Part of the job of a technical engineer is to design and build new infrastucture. An engineer requires information at their fingertips to be able to perform effectively.

As part of an engineers job they are often required to :

  • Research the environments he/she is working with.
  • See and understand the connectivity of devices.
  • Find IP address information and understand how those IP addresses are being used.
  • Plan based upon the existing networking infrastructure.

A well maintained and provisioned monitoring solution is critical to planning, development and fault finding within an infrastructure.

If a monitoring system begins to break down, silos of information appear. People lose faith in the information provided by the monitoring system. Alerts don’t get to the right people.

The assumptions made, can have serious ramifications for project deadlines and weaken the resiliency of the infrastructure as a whole.

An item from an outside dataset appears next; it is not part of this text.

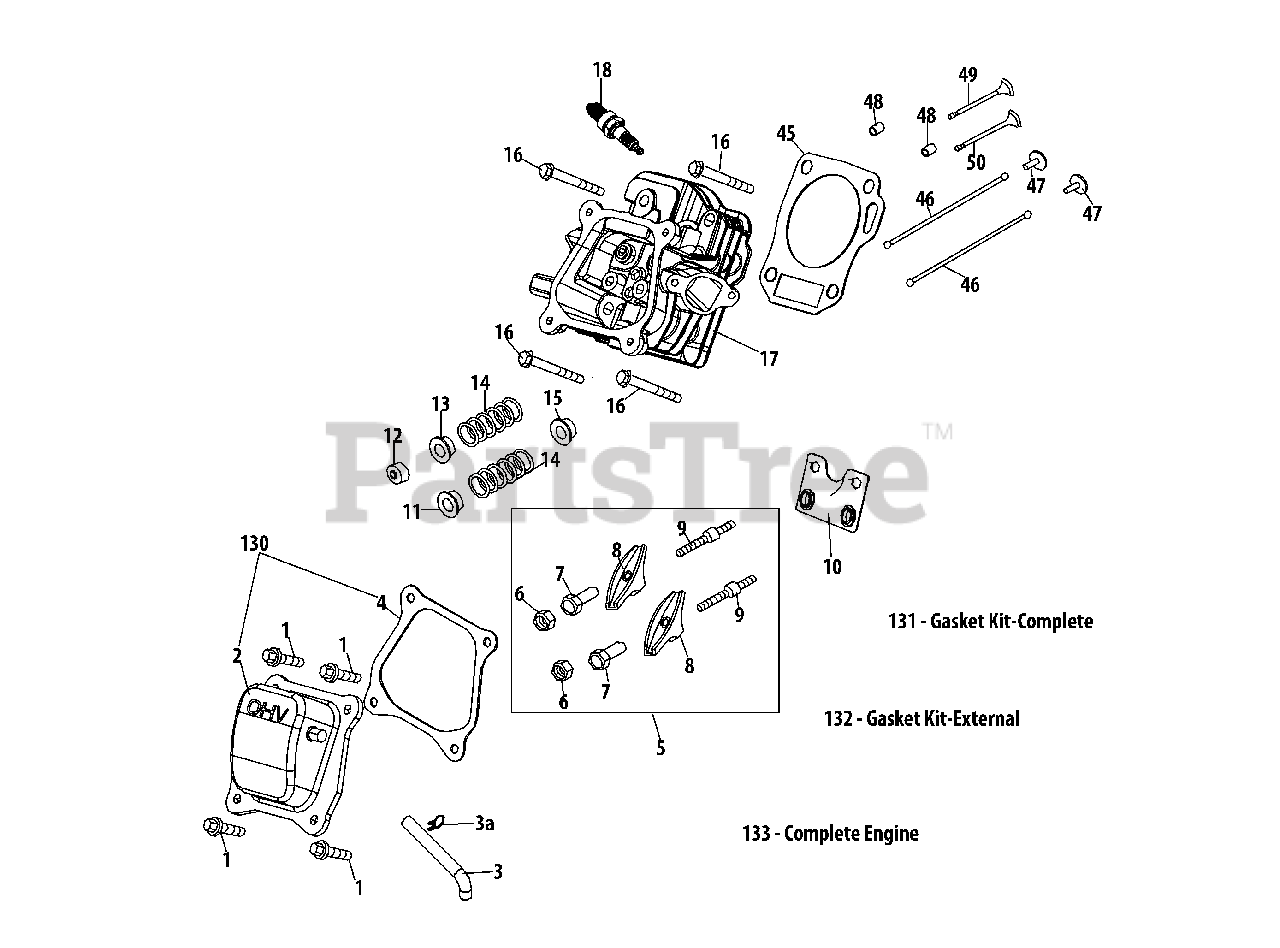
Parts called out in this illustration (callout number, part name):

  • Project managers fail to plan effectively as they don’t know what is currently live in their environments.
  • Engineers cannot assign IP addresses, cause conflicts and do not understand the infrastructure properly.
  • DBA’s are blind to potential issues, resulting in inefficient databases.
  • Hardware failures go undetected and cause outtages.
  • Software errors and events cause outtages.
  • Managers cannot create reports for capacity.
  • Problems take a lot longer to fault find and being proactive is impossible.
  • The monitoring system database struggles due to being on a shared database server.
  • The poller is overwhelmed with polling jobs.
  • Auto network discovery is not enabled and people are asking why devices are not showing up?
  • Thresholds are not set correctly, nobody understands what constitutes a bad / good threshold.
  • Dependencies and relationships between devices, applications and connectivity are not setup.

Awareness, efficiency and resiliency will all suffer.

 

If the monitoring system is given the resources it needs, the users are provided with training and everything that needs to be monitored is monitored, all of the above starts to go away.

Time can then be spent on automating support processes, planning new infrastructure and fault finding.

Organisations need to take monitoring seriously otherwise everything slows down.